Anomalies in String-inspired Non-local Extensions of QED
Fayez Abu-Ajamieh, Pratik Chattopadhyay, Anish Ghoshal, Nobuchika Okada
TL;DR
This work analyzes anomalies in a string-inspired non-local QED framework, where gauge-invariant exponential form factors render the theory finite and non-locality is governed by a scale $\Lambda$. Using triangle and bubble diagrams, it shows the vector anomaly vanishes and the Ward identity is preserved, while the chiral anomaly vanishes at leading order for massless fermions but persists when fermion mass is included, with the non-local result approaching the local anomaly in the correct regulator regime. The authors derive explicit non-local Noether currents that encode higher-order gauge insertions and demonstrate how the local limit is recovered as $\Lambda\to\infty$. They illustrate the formalism by computing non-local corrections to $\pi^{0}\to\gamma\gamma$ decay, deriving a bound $\Lambda \gtrsim 57$ GeV from PrimEx-II data, and comparing with stronger collider bounds.
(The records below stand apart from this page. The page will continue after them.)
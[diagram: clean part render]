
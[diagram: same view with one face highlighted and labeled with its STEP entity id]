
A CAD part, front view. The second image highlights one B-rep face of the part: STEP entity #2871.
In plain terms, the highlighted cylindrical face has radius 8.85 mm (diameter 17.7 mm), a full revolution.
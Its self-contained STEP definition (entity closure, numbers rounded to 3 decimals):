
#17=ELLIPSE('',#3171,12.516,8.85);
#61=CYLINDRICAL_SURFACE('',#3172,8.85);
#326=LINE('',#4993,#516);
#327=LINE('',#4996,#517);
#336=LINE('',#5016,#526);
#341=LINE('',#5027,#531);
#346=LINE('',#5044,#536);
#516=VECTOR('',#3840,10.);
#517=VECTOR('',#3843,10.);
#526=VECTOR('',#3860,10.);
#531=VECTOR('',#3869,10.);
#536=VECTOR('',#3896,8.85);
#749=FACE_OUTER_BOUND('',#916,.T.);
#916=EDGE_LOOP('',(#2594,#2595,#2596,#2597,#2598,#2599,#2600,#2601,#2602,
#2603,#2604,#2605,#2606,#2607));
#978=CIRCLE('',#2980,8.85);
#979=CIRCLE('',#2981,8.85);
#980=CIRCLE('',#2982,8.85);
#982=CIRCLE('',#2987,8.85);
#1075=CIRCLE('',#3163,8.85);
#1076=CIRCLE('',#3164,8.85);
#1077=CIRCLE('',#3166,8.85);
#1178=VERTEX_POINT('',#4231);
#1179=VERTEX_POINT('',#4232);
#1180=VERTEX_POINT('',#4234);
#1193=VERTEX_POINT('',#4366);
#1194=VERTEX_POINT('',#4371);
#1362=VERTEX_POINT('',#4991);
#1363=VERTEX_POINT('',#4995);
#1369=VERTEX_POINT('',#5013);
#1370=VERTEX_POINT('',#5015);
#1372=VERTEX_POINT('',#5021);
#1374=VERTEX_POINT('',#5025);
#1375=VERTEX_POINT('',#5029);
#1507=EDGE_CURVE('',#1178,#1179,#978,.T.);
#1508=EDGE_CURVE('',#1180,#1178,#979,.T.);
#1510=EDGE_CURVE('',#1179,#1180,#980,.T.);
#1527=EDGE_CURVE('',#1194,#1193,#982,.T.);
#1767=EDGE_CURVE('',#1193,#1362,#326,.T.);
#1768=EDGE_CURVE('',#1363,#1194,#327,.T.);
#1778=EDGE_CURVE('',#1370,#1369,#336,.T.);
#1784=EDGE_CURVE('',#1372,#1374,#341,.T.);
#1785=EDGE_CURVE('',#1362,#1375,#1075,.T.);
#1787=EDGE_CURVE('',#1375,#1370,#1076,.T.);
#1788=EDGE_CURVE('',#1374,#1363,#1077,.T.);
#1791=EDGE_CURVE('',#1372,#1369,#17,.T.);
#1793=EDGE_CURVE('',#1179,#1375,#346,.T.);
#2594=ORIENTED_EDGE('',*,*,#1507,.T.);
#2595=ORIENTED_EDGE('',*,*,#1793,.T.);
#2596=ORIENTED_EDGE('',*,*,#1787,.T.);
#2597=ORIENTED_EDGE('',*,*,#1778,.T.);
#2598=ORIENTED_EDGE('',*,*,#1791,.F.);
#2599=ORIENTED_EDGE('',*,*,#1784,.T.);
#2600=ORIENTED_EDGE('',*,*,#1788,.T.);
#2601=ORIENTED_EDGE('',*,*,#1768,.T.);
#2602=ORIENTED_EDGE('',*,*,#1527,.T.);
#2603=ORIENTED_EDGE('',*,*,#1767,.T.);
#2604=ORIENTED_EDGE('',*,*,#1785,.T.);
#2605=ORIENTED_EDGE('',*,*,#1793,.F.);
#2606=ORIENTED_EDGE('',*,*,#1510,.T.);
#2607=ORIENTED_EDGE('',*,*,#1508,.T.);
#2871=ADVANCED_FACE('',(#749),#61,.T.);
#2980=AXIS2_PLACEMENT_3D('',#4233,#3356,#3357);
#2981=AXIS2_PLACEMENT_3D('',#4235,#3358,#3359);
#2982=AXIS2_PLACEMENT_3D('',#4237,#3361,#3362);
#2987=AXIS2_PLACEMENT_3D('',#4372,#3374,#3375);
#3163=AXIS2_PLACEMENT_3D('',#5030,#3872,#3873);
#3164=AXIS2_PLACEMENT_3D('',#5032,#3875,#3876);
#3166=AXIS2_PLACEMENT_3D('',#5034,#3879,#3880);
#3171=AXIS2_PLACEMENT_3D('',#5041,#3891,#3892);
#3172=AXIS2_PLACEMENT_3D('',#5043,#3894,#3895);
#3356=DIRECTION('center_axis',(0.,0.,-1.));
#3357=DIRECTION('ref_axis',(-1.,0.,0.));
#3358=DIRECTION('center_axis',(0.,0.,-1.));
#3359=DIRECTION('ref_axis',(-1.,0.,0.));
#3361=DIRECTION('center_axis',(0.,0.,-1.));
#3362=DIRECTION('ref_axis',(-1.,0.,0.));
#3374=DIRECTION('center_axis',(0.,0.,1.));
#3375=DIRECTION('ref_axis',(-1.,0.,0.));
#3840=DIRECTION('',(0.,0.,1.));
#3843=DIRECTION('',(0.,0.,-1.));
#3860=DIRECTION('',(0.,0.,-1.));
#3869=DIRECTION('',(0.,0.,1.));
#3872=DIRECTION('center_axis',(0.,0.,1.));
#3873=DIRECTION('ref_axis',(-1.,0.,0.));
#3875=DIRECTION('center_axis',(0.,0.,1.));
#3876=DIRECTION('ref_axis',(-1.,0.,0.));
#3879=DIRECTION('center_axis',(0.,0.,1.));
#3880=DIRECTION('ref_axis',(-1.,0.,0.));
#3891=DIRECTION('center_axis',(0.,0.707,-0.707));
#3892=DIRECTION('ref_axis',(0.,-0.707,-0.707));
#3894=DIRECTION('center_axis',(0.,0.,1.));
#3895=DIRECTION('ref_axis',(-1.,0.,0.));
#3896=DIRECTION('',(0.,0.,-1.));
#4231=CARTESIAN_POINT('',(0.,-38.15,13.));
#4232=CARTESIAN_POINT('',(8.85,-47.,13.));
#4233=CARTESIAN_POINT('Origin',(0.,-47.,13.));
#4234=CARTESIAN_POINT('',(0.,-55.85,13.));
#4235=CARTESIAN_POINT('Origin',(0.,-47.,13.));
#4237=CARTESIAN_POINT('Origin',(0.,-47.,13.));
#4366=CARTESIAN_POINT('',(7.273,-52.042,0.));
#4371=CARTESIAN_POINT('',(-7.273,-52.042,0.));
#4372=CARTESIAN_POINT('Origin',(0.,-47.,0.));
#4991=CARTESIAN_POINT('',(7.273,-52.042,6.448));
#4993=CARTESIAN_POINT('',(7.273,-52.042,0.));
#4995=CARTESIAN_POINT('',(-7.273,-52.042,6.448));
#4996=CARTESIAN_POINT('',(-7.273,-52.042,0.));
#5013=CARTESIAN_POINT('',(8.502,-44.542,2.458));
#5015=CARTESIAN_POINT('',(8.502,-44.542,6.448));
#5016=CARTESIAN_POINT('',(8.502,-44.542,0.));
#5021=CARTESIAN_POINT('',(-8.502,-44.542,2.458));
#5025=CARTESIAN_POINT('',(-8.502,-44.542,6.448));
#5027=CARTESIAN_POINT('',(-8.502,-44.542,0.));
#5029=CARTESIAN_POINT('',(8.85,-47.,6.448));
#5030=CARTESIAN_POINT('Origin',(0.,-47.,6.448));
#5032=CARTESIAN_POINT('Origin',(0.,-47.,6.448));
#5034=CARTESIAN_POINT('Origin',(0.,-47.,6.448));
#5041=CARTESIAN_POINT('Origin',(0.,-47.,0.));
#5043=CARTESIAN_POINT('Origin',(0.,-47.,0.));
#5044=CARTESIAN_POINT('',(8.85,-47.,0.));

Overall, the results validate gauge-invariance-based expectations in a non-local EFT, clarify the mass dependence of the chiral anomaly, and connect non-locality to observable processes.
Abstract
We investigate anomalies in the class of non-local field theories that have been proposed as an ultraviolet completion of 4-D Quantum Field Theory (QFT) with generalizing the kinetic energy operators to an infinite series of higher derivatives inspired by string field theory and ghost-free non-local approaches to quantum gravity. We explicitly calculate the vector and chiral anomalies in a string-inspired non-local extension of QED. We show that the vector anomaly vanishes as required by gauge-invariance and the Ward identity. On the other hand, although the chiral anomaly vanishes to the leading order with massless fermions, it nonetheless does not vanish with the massive fermions and we calculate it to the leading order in scale of non-locality. We also calculate the non-local vector and axial currents explicitly, and present an illustrative example by applying our results to the decay of π_0 \rightarrow γγ.